Neural Network Optimization

My personal notes on Matthew Stewart's "Neural Network Optimization" post from June 27, 2019
https://towardsdatascience.com/neural-network-optimization-7ca72d4db3e0

Optimization

The equation below represents the average gradient of the loss function with respect to the model parameters, computed over all training samples

$$g={\frac{1}{m}}\sum_{i}\nabla_{\theta}L(f(x^{(i)};\theta),y^{(i)})$$

where:

$g$ is the gradient of the loss function with respect to the model parameters $\theta$. The gradient vector is a vector that points in the direction of the steepest increase in a function.
$m$ is the total number of training samples in the dataset.
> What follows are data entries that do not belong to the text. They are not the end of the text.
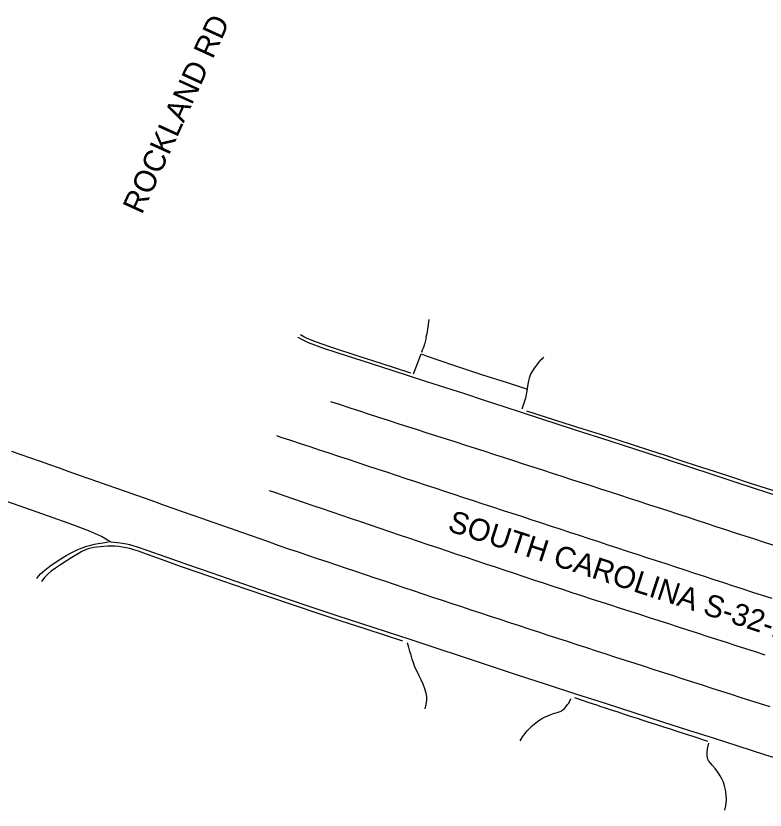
# Model space of a CAD drawing. Extents: x 1961683 to 1977751, y 798292 to 805767.
# Drawn here: x 1964179.5 to 1964364.3, y 799292.7 to 799488.7 of the extents above; entities that cross this region are included whole.
import ezdxf

# ---------------------------------------------------------------- set-up
doc = ezdxf.new("R2010")
doc.units = 0
for name, color, linetype in [('RD_EX_Road', 7, 'Continuous'), ('RD_EX_Road_Paint', 7, 'Continuous'), ('RD_TX_RoadID', 7, 'Continuous')]:
    doc.layers.add(name, color=color, linetype=linetype)

msp = doc.modelspace()

# ---------------------------------------------------------------- linework, layer by layer
at = {"layer": 'RD_EX_Road'}
for points in [[(1964281.37, 799413.74), (1964281.29, 799413.16), (1964281.2, 799412.55), (1964281.11, 799411.96), (1964281.01, 799411.37), (1964280.91, 799410.8), (1964280.81, 799410.25), (1964280.72, 799409.77), (1964280.64, 799409.33), (1964280.58, 799408.95), (1964280.52, 799408.6), (1964280.43, 799408.24), (1964280.33, 799407.88), (1964280.21, 799407.51), (1964280.07, 799407.11), (1964279.91, 799406.66), (1964279.73, 799406.16), (1964279.54, 799405.6)], [(1964276.94, 799400.56), (1964269.59, 799402.92), (1964263.89, 799404.76), (1964257.43, 799406.86), (1964254.78, 799407.74), (1964253.19, 799408.31), (1964252.18, 799408.71), (1964251.31, 799409.1), (1964250.51, 799409.53), (1964249.69, 799410.02)], [(1964370.81, 799369.09), (1964361.68, 799372.08), (1964356.6, 799373.75), (1964351.18, 799375.54), (1964345.7, 799377.34), (1964340.45, 799379.06), (1964335.44, 799380.69), (1964326.06, 799383.71), (1964317.3, 799386.54), (1964308.95, 799389.27), (1964299.9, 799392.22), (1964295.06, 799393.8), (1964290.18, 799395.39), (1964280.88, 799398.4), (1964272.28, 799401.16), (1964264.93, 799403.54), (1964259.01, 799405.46), (1964255.17, 799406.73), (1964253.26, 799407.4), (1964251.69, 799408.03), (1964250.22, 799408.71), (1964249.09, 799409.32)], [(1964277.6, 799400.35), (1964277.91, 799401.17), (1964278.55, 799402.87), (1964279.44, 799405.31), (1964280.69, 799404.81), (1964287.4, 799402.49), (1964294.34, 799400.2), (1964300.62, 799398.23), (1964304.44, 799396.95), (1964305.61, 799396.56), (1964305.19, 799394.33), (1964304.28, 799391.63)], [(1964309.62, 799404.44), (1964309.17, 799404.02), (1964308.74, 799403.57), (1964308.33, 799403.09), (1964307.94, 799402.61), (1964307.57, 799402.12), (1964307.23, 799401.63), (1964306.92, 799401.14), (1964306.65, 799400.68), (1964306.43, 799400.24), (1964306.25, 799399.82), (1964306.1, 799399.33), (1964305.94, 799398.65), (1964305.79, 799397.78), (1964305.63, 799396.73)], [(1964378.07, 799367.65), (1964371.69, 799369.74), (1964365.89, 799371.63), (1964360.68, 799373.34), (1964356.05, 799374.84), (1964351.78, 799376.24), (1964347.63, 799377.59), (1964343.6, 799378.91), (1964339.69, 799380.19), (1964335.8, 799381.46), (1964331.84, 799382.75), (1964327.8, 799384.05), (1964323.69, 799385.36), (1964319.44, 799386.72), (1964315, 799388.13), (1964310.37, 799389.61), (1964305.55, 799391.14)], [(1964371.89, 799303.95), (1964364.23, 799306.37), (1964357.61, 799308.51), (1964351.52, 799310.48), (1964345.47, 799312.4), (1964339.07, 799314.42), (1964331.96, 799316.7), (1964324.65, 799319.07), (1964317.63, 799321.34), (1964310.6, 799323.62), (1964303.24, 799326.02), (1964296.02, 799328.39), (1964289.41, 799330.58), (1964283.15, 799332.66), (1964276.98, 799334.7), (1964270.88, 799336.7), (1964264.85, 799338.65), (1964258.77, 799340.64), (1964252.55, 799342.73), (1964246.21, 799344.88), (1964239.77, 799347.06), (1964233.56, 799349.19), (1964227.89, 799351.16), (1964222.37, 799353.11), (1964216.6, 799355.12), (1964211.89, 799356.76), (1964209.52, 799357.59), (1964208.45, 799357.95), (1964207.6, 799358.18), (1964206.79, 799358.34), (1964205.82, 799358.52), (1964204.58, 799358.7), (1964202.95, 799358.86), (1964200.59, 799360.19), (1964197.65, 799361.51), (1964193.52, 799363.09), (1964187.58, 799365.22), (1964180.28, 799367.79), (1964172.03, 799370.7)], [(1964184.68, 799349.9), (1964184.74, 799349.99), (1964185.6, 799350.99), (1964186.65, 799351.94), (1964187.88, 799352.9), (1964189.21, 799353.83), (1964190.56, 799354.71), (1964191.94, 799355.54), (1964193.32, 799356.31), (1964194.65, 799356.97), (1964195.87, 799357.47), (1964196.98, 799357.84), (1964197.96, 799358.11), (1964198.89, 799358.31), (1964199.82, 799358.48), (1964200.92, 799358.66), (1964202.34, 799358.87)], [(1964274.97, 799334.41), (1964265.91, 799337.34), (1964259.47, 799339.44), (1964254.09, 799341.23), (1964248.22, 799343.2), (1964242.17, 799345.25), (1964236.26, 799347.26), (1964230.57, 799349.22), (1964225.17, 799351.07), (1964220.09, 799352.85), (1964215.41, 799354.55), (1964211.74, 799355.9), (1964209.74, 799356.61), (1964208.62, 799356.97), (1964207.62, 799357.25), (1964206.68, 799357.47), (1964205.76, 799357.63), (1964204.86, 799357.74), (1964203.99, 799357.81), (1964203.08, 799357.84), (1964202.12, 799357.81), (1964201.17, 799357.75), (1964200.3, 799357.7), (1964199.5, 799357.63), (1964198.71, 799357.51), (1964197.98, 799357.36), (1964197.34, 799357.19), (1964196.66, 799356.93), (1964195.78, 799356.51), (1964194.69, 799355.9), (1964193.34, 799355.07), (1964191.9, 799354.15), (1964190.52, 799353.26), (1964189.27, 799352.42), (1964188.25, 799351.67), (1964187.39, 799350.93), (1964186.64, 799350.17), (1964186.02, 799349.41), (1964185.82, 799349.11)], [(1964280.44, 799317.68), (1964280.71, 799318.79), (1964280.85, 799319.82), (1964280.85, 799320.71), (1964280.69, 799321.59), (1964280.36, 799322.64), (1964279.94, 799323.76), (1964279.46, 799324.85), (1964278.97, 799325.86), (1964278.52, 799326.73), (1964278.13, 799327.51), (1964277.82, 799328.24), (1964277.55, 799329.03), (1964277.25, 799329.98), (1964276.95, 799330.96), (1964276.66, 799331.87), (1964276.38, 799332.83), (1964276.1, 799333.95)], [(1964303.85, 799309.78), (1964304.08, 799310.23), (1964304.49, 799310.91), (1964304.99, 799311.57), (1964305.57, 799312.24), (1964306.21, 799312.92), (1964306.93, 799313.61), (1964307.72, 799314.28), (1964308.44, 799314.82), (1964309.1, 799315.24), (1964309.89, 799315.65), (1964310.83, 799316.06), (1964311.87, 799316.44), (1964312.96, 799316.78), (1964313.73, 799317.05), (1964313.97, 799317.16), (1964314.17, 799317.27), (1964314.37, 799317.42), (1964314.77, 799317.82), (1964315.17, 799318.28), (1964315.57, 799318.76), (1964315.77, 799319.03), (1964316.18, 799319.77), (1964316.39, 799320.24)], [(1964350.18, 799309.66), (1964346.77, 799310.77), (1964344.39, 799311.55), (1964342.59, 799312.13), (1964340.9, 799312.68), (1964339.32, 799313.19), (1964337.84, 799313.67), (1964336.46, 799314.12), (1964335.16, 799314.53), (1964333.94, 799314.93), (1964332.77, 799315.31), (1964331.66, 799315.67), (1964330.6, 799316.01), (1964329.6, 799316.34), (1964328.66, 799316.64), (1964327.75, 799316.94), (1964326.84, 799317.24), (1964325.9, 799317.55), (1964324.91, 799317.87), (1964323.86, 799318.22), (1964322.76, 799318.59), (1964320.84, 799319.22), (1964317.33, 799320.39)], [(1964354.35, 799292.72), (1964354.57, 799293.8), (1964354.71, 799295.22), (1964354.68, 799296.51), (1964354.5, 799297.7), (1964354.26, 799298.73), (1964353.97, 799299.59), (1964353.62, 799300.4), (1964353.2, 799301.19), (1964352.64, 799302.05), (1964351.96, 799302.98), (1964351.25, 799303.83), (1964350.56, 799304.6), (1964350.31, 799304.95), (1964350.14, 799305.28), (1964350.04, 799305.59), (1964349.96, 799306.22), (1964349.94, 799306.9), (1964350.05, 799307.83), (1964350.37, 799309.24)]]:
    msp.add_lwpolyline(points, dxfattribs=at)
at = {"layer": 'RD_EX_Road_Paint'}
for points in [[(1964257.09, 799393.55), (1964259.47, 799392.77), (1964261.84, 799391.99), (1964264.21, 799391.22), (1964266.59, 799390.44), (1964268.97, 799389.67), (1964271.34, 799388.91), (1964273.72, 799388.14), (1964276.1, 799387.37), (1964278.48, 799386.61), (1964280.85, 799385.84), (1964283.23, 799385.08), (1964285.61, 799384.31), (1964287.99, 799383.55), (1964290.36, 799382.78), (1964292.74, 799382.02), (1964295.12, 799381.25), (1964297.5, 799380.48), (1964299.88, 799379.72), (1964302.25, 799378.95), (1964304.63, 799378.19), (1964307.01, 799377.42), (1964309.38, 799376.64), (1964311.76, 799375.87), (1964314.14, 799375.1), (1964316.51, 799374.33), (1964318.89, 799373.56), (1964321.26, 799372.79), (1964323.64, 799372.01), (1964326.02, 799371.24), (1964328.39, 799370.47), (1964330.77, 799369.7), (1964333.15, 799368.93), (1964335.52, 799368.16), (1964337.9, 799367.38), (1964340.27, 799366.61), (1964342.65, 799365.84), (1964345.02, 799365.06), (1964347.4, 799364.28), (1964349.77, 799363.5), (1964352.15, 799362.72), (1964354.52, 799361.95), (1964356.9, 799361.17), (1964359.27, 799360.39), (1964361.64, 799359.61), (1964364.02, 799358.83), (1964366.39, 799358.05)], [(1964365.97, 799344.93), (1964363.59, 799345.69), (1964361.21, 799346.45), (1964358.84, 799347.22), (1964356.46, 799347.99), (1964354.09, 799348.77), (1964351.71, 799349.55), (1964349.34, 799350.33), (1964346.97, 799351.11), (1964344.59, 799351.89), (1964342.22, 799352.67), (1964339.84, 799353.45), (1964337.47, 799354.22), (1964335.1, 799355), (1964332.72, 799355.78), (1964330.35, 799356.56), (1964327.98, 799357.34), (1964325.6, 799358.12), (1964323.23, 799358.9), (1964320.85, 799359.68), (1964318.48, 799360.45), (1964316.11, 799361.23), (1964313.73, 799362.01), (1964311.36, 799362.79), (1964308.98, 799363.57), (1964306.61, 799364.35), (1964304.24, 799365.13), (1964301.86, 799365.91), (1964299.49, 799366.68), (1964297.12, 799367.46), (1964294.74, 799368.24), (1964292.37, 799369.02), (1964289.99, 799369.8), (1964287.62, 799370.58), (1964285.25, 799371.36), (1964282.87, 799372.14), (1964280.5, 799372.92), (1964278.13, 799373.7), (1964275.76, 799374.49), (1964273.38, 799375.27), (1964271.01, 799376.06), (1964268.64, 799376.84), (1964266.27, 799377.62), (1964263.9, 799378.41), (1964261.53, 799379.19), (1964259.15, 799379.98), (1964256.78, 799380.76), (1964254.41, 799381.55), (1964252.04, 799382.33), (1964249.67, 799383.12), (1964247.3, 799383.9), (1964244.92, 799384.69), (1964243.88, 799385.03)], [(1964365.48, 799318.16), (1964363.1, 799318.93), (1964360.73, 799319.7), (1964358.35, 799320.46), (1964355.97, 799321.23), (1964353.59, 799321.99), (1964351.21, 799322.76), (1964348.83, 799323.52), (1964346.46, 799324.29), (1964344.08, 799325.05), (1964341.7, 799325.82), (1964339.32, 799326.59), (1964336.94, 799327.35), (1964334.56, 799328.12), (1964332.19, 799328.88), (1964329.81, 799329.65), (1964327.43, 799330.41), (1964325.05, 799331.18), (1964322.67, 799331.95), (1964320.3, 799332.73), (1964317.93, 799333.51), (1964315.55, 799334.29), (1964313.18, 799335.07), (1964310.81, 799335.84), (1964308.43, 799336.62), (1964306.06, 799337.4), (1964303.68, 799338.18), (1964301.31, 799338.96), (1964298.94, 799339.74), (1964296.56, 799340.52), (1964294.19, 799341.3), (1964291.82, 799342.08), (1964289.44, 799342.86), (1964287.07, 799343.64), (1964284.7, 799344.42), (1964282.33, 799345.21), (1964279.96, 799346.01), (1964277.59, 799346.8), (1964275.22, 799347.6), (1964272.86, 799348.39), (1964270.49, 799349.19), (1964268.12, 799349.98), (1964265.75, 799350.78), (1964263.38, 799351.57), (1964261.01, 799352.37), (1964258.65, 799353.16), (1964256.28, 799353.96), (1964253.91, 799354.75), (1964251.54, 799355.55), (1964249.17, 799356.34), (1964246.81, 799357.14), (1964244.45, 799357.96), (1964242.09, 799358.79), (1964239.73, 799359.62), (1964237.38, 799360.45), (1964235.02, 799361.27), (1964232.66, 799362.1), (1964230.31, 799362.93), (1964227.95, 799363.76), (1964225.6, 799364.59), (1964223.24, 799365.42), (1964220.88, 799366.25), (1964218.53, 799367.08), (1964216.17, 799367.91), (1964213.81, 799368.74), (1964211.46, 799369.57), (1964209.1, 799370.4), (1964206.75, 799371.23), (1964204.39, 799372.06), (1964202.04, 799372.89), (1964199.68, 799373.72), (1964197.33, 799374.56), (1964194.97, 799375.39), (1964192.62, 799376.22), (1964190.26, 799377.05), (1964187.91, 799377.88), (1964185.55, 799378.71), (1964183.2, 799379.55), (1964180.84, 799380.38), (1964178.49, 799381.21)], [(1964364.27, 799330.98), (1964361.89, 799331.75), (1964359.51, 799332.51), (1964357.13, 799333.27), (1964354.75, 799334.04), (1964352.38, 799334.8), (1964350, 799335.57), (1964347.62, 799336.34), (1964345.24, 799337.11), (1964342.87, 799337.88), (1964340.49, 799338.64), (1964338.11, 799339.41), (1964335.73, 799340.18), (1964333.36, 799340.95), (1964330.98, 799341.71), (1964328.6, 799342.48), (1964326.22, 799343.25), (1964323.85, 799344.02), (1964321.47, 799344.79), (1964319.09, 799345.55), (1964316.72, 799346.34), (1964314.35, 799347.13), (1964311.98, 799347.91), (1964309.61, 799348.7), (1964307.24, 799349.49), (1964304.87, 799350.28), (1964302.5, 799351.07), (1964300.13, 799351.86), (1964297.76, 799352.65), (1964295.39, 799353.44), (1964293.02, 799354.23), (1964290.65, 799355.02), (1964288.28, 799355.81), (1964285.91, 799356.6), (1964283.54, 799357.39), (1964281.17, 799358.18), (1964278.8, 799358.98), (1964276.43, 799359.78), (1964274.07, 799360.59), (1964271.7, 799361.39), (1964269.34, 799362.2), (1964266.97, 799363), (1964264.61, 799363.81), (1964262.25, 799364.61), (1964259.88, 799365.42), (1964257.52, 799366.22), (1964255.15, 799367.03), (1964252.79, 799367.83), (1964250.42, 799368.64), (1964248.06, 799369.44), (1964245.69, 799370.25), (1964243.33, 799371.05), (1964242.08, 799371.48)]]:
    msp.add_lwpolyline(points, dxfattribs=at)

# ---------------------------------------------------------------- texts
at = {"layer": 'RD_TX_RoadID'}
for s, rotation, p in [('ROCKLAND RD', 65.5134, (1964210.57, 799439.49)), ('SOUTH CAROLINA S-32-107 bush river', 341.9453, (1964285.73, 799361.69))]:
    msp.add_text(s, height=5.4, rotation=rotation, dxfattribs=at).set_placement(p)

doc.saveas('drawing.dxf')

It’s the denominator in the expression, indicating that we’re averaging the gradients over all samples.
$\sum_{i}$ indicates that we’re summing over all training samples. The index $i$ ranges from $1$ to $m$.
$\nabla_\theta$ is the gradient operator with respect to the model parameters $\theta$. It computes the partial derivatives of the loss function with respect to each parameter.
$L(f(x^{(i)};\theta),y^{(i)})$ represents the loss function evaluated for the $i$-th training sample. It measures the discrepancy between the predicted output $f(x^{(i)};\theta)$ and the actual target $y^{(i)}$.